**TASK DETAILS:** Give back a single figure: the number of lines in the entries below that contain "from".
EXERCISE DATA START
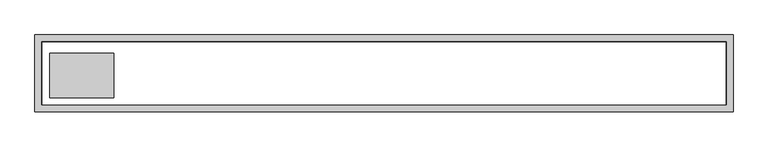
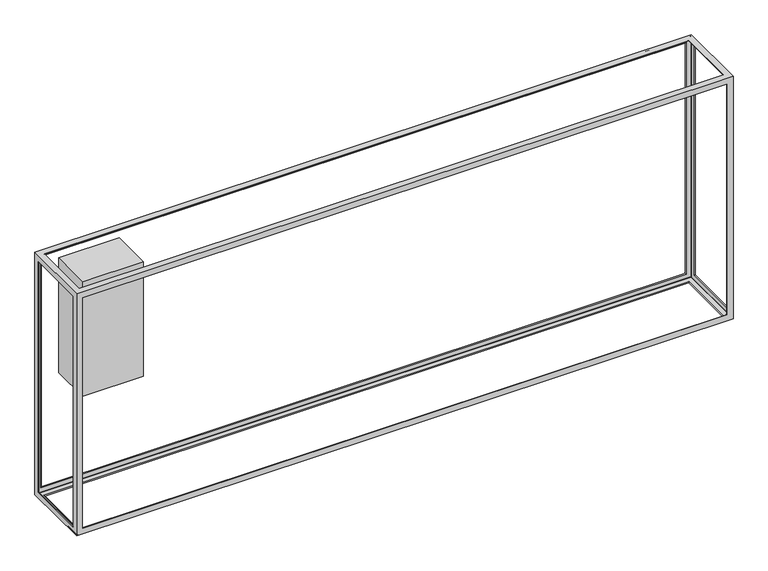
"""IFC4 building model written with IfcOpenShell, lengths in millimetres: beam geometry, Plumbing Bulkhead : EX. BULKHEAD 1 (MODIFIED)."""

from ifc_helpers import new_model, si_unit, frame, origin, place, context, project, spatial, polyline, ellipse_curve, outline, extrude, source, transform, mapped, element, save
from ifc_brep_helpers import plane_surface, cylinder_surface, revolved_surface, advanced_brep


def beam_e0c467be(model_context):
    return source(origin(), model_context, "Body", "SolidModel", [
        extrude(outline(polyline([(379.0365927, 279.4), (379.0365927, 66.5145898), (70.4236299, 66.5145898), (70.4236299, 279.4), (379.0365927, 279.4)])), frame((0.0, 0.0, 688.452765), z_axis=(0.0, 0.0, 1.0), x_axis=(1.0, 0.0, 0.0)), (0.0, 0.0, 1.0), 619.647235),
        advanced_brep(
        [(0.0, 0.0, 1308.1), (0.0, 368.3, 1308.1), (0.0, 368.3, 0.0), (0.0, 0.0, 0.0), (0.0, 31.75, 1276.35), (0.0, 31.75, 31.75), (0.0, 336.55, 31.75), (0.0, 336.55, 1276.35), (3352.8, 368.3, 1308.1), (3352.8, 368.3, 0.0), (3321.05, 368.3, 31.75), (3321.05, 368.3, 1276.35), (31.75, 368.3, 1276.35), (31.75, 368.3, 31.75), (3352.8, 0.0, 0.0), (3321.05, 336.55, 0.0), (31.75, 336.55, 0.0), (31.75, 31.75, 0.0), (3321.05, 31.75, 0.0), (3352.8, 0.0, 1308.1), (3321.05, 0.0, 1276.35), (3321.05, 0.0, 31.75), (31.75, 0.0, 31.75), (31.75, 0.0, 1276.35), (3.175, 28.575, 1279.525), (3.175, 28.575, 28.575), (3.175, 339.725, 28.575), (3.175, 339.725, 1279.525), (3352.8, 336.55, 31.75), (3349.625, 339.725, 28.575), (3349.625, 28.575, 28.575), (3352.8, 31.75, 31.75), (3352.8, 31.75, 1276.35), (3352.8, 336.55, 1276.35), (3349.625, 28.575, 1279.525), (3349.625, 339.725, 1279.525), (3324.225, 339.725, 3.175), (28.575, 339.725, 3.175), (28.575, 28.575, 3.175), (3324.225, 28.575, 3.175), (3348.0375, 4.7625, 3.175), (3348.0375, 363.5375, 3.175), (4.7625, 363.5375, 3.175), (4.7625, 4.7625, 3.175), (3349.160032, 364.660032, 3.639968), (3349.160032, 3.639968, 3.639968), (3349.625, 4.7625, 4.7625), (3349.625, 363.5375, 4.7625), (3348.0375, 365.125, 4.7625), (4.7625, 365.125, 4.7625), (3.639968, 364.660032, 3.639968), (3.175, 363.5375, 4.7625), (3.175, 4.7625, 4.7625), (3.639968, 3.639968, 3.639968), (4.7625, 3.175, 4.7625), (3348.0375, 3.175, 4.7625), (3348.0375, 365.125, 1303.3375), (4.7625, 365.125, 1303.3375), (3324.225, 365.125, 1279.525), (3324.225, 365.125, 28.575), (28.575, 365.125, 28.575), (28.575, 365.125, 1279.525), (3.639968, 364.660032, 1304.460032), (3.175, 363.5375, 1303.3375), (3349.625, 363.5375, 1303.3375), (3349.160032, 364.660032, 1304.460032), (3349.625, 4.7625, 1303.3375), (3348.0375, 3.175, 1303.3375), (3349.160032, 3.639968, 1304.460032), (3.175, 4.7625, 1303.3375), (4.7625, 3.175, 1303.3375), (3.639968, 3.639968, 1304.460032), (3324.225, 3.175, 1279.525), (3324.225, 3.175, 28.575), (28.575, 3.175, 28.575), (28.575, 3.175, 1279.525), (31.75, 31.75, 1308.1), (31.75, 336.55, 1308.1), (3321.05, 336.55, 1308.1), (3321.05, 31.75, 1308.1), (28.575, 339.725, 1304.925), (3324.225, 339.725, 1304.925), (4.7625, 4.7625, 1304.925), (4.7625, 363.5375, 1304.925), (3348.0375, 363.5375, 1304.925), (3348.0375, 4.7625, 1304.925), (28.575, 28.575, 1304.925), (3324.225, 28.575, 1304.925)],
        [
            (0, 1),
            (1, 2),
            (2, 3),
            (3, 0),
            (4, 5),
            (5, 6),
            (6, 7),
            (7, 4),
            (8, 9),
            (9, 2),
            (1, 8),
            (10, 11),
            (11, 12),
            (12, 13),
            (13, 10),
            (9, 14),
            (14, 3),
            (15, 16),
            (16, 17),
            (17, 18),
            (18, 15),
            (14, 19),
            (19, 0),
            (20, 21),
            (21, 22),
            (22, 23),
            (23, 20),
            (4, 24, ellipse_curve(frame((0.0, 28.575, 1279.525), z_axis=(0.0, -0.7071067811865464, -0.7071067811865487), x_axis=(0.0, 0.7071067811865487, -0.7071067811865464)), 4.4901281, 3.175)),
            (24, 25),
            (25, 5, ellipse_curve(frame((0.0, 28.575, 28.575), z_axis=(0.0, -0.7071067811865499, 0.7071067811865451), x_axis=(0.0, -0.7071067811865451, -0.7071067811865498)), 4.4901281, 3.175)),
            (25, 26),
            (26, 6, ellipse_curve(frame((0.0, 339.725, 28.575), z_axis=(0.0, -0.707106781186545, -0.70710678118655), x_axis=(0.0, -0.7071067811865501, 0.7071067811865449)), 4.4901281, 3.175)),
            (27, 7, ellipse_curve(frame((0.0, 339.725, 1279.525), z_axis=(0.0, 0.7071067811865487, -0.7071067811865464), x_axis=(0.0, -0.7071067811865465, -0.7071067811865487)), 4.4901281, 3.175)),
            (26, 27),
            (28, 29, ellipse_curve(frame((3352.8, 339.725, 28.575), z_axis=(0.0, -0.7071067811865429, -0.7071067811865522), x_axis=(0.0, -0.7071067811865521, 0.707106781186543)), 4.4901281, 3.175)),
            (29, 30),
            (30, 31, ellipse_curve(frame((3352.8, 28.575, 28.575), z_axis=(0.0, 0.7071067811865499, -0.7071067811865451), x_axis=(0.0, -0.7071067811865451, -0.70710678118655)), 4.4901281, 3.175)),
            (31, 28),
            (8, 19),
            (31, 32),
            (32, 33),
            (33, 28),
            (30, 34),
            (34, 32, ellipse_curve(frame((3352.8, 28.575, 1279.525), z_axis=(0.0, -0.7071067811865464, -0.7071067811865487), x_axis=(0.0, 0.7071067811865487, -0.7071067811865464)), 4.4901281, 3.175)),
            (33, 35, ellipse_curve(frame((3352.8, 339.725, 1279.525), z_axis=(0.0, 0.7071067811865509, -0.7071067811865441), x_axis=(0.0, -0.707106781186544, -0.7071067811865509)), 4.4901281, 3.175)),
            (35, 29),
            (15, 36, ellipse_curve(frame((3324.225, 339.725, 0.0), z_axis=(-0.7071067811865475, 0.7071067811865475, 0.0), x_axis=(-0.7071067811865476, -0.7071067811865474, 0.0)), 4.4901281, 3.175)),
            (36, 37),
            (37, 16, ellipse_curve(frame((28.575, 339.725, 0.0), z_axis=(0.7071067811865454, 0.7071067811865498, 0.0), x_axis=(-0.7071067811865497, 0.7071067811865454, 0.0)), 4.4901281, 3.175)),
            (37, 38),
            (38, 17, ellipse_curve(frame((28.575, 28.575, 0.0), z_axis=(-0.7071067811865498, 0.7071067811865452, 0.0), x_axis=(-0.7071067811865451, -0.7071067811865498, 0.0)), 4.4901281, 3.175)),
            (39, 18, ellipse_curve(frame((3324.225, 28.575, 0.0), z_axis=(-0.7071067811865475, -0.7071067811865475, 0.0), x_axis=(-0.7071067811865476, 0.7071067811865474, 0.0)), 4.4901281, 3.175)),
            (38, 39),
            (39, 36),
            (40, 41),
            (41, 42),
            (42, 43),
            (43, 40),
            (44, 41, ellipse_curve(frame((3348.0375, 363.5375, 4.7625), z_axis=(-0.7071067811865475, 0.7071067811865475, 0.0), x_axis=(0.7071067811865474, 0.7071067811865476, 0.0)), 2.245064, 1.5875)),
            (40, 45, ellipse_curve(frame((3348.0375, 4.7625, 4.7625), z_axis=(-0.7071067811865475, -0.7071067811865475, 0.0), x_axis=(-0.7071067811865474, 0.7071067811865476, 0.0)), 2.245064, 1.5875)),
            (45, 46, ellipse_curve(frame((3348.0375, 4.7625, 4.7625), z_axis=(0.0, -0.7071067811865499, 0.7071067811865451), x_axis=(0.0, 0.7071067811865451, 0.70710678118655)), 2.245064, 1.5875)),
            (46, 47),
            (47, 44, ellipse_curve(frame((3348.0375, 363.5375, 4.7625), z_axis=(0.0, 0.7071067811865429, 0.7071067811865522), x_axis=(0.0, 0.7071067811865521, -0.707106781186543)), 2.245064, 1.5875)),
EXERCISE DATA END
**ANSWER FOR THIS EXERCISE:** 2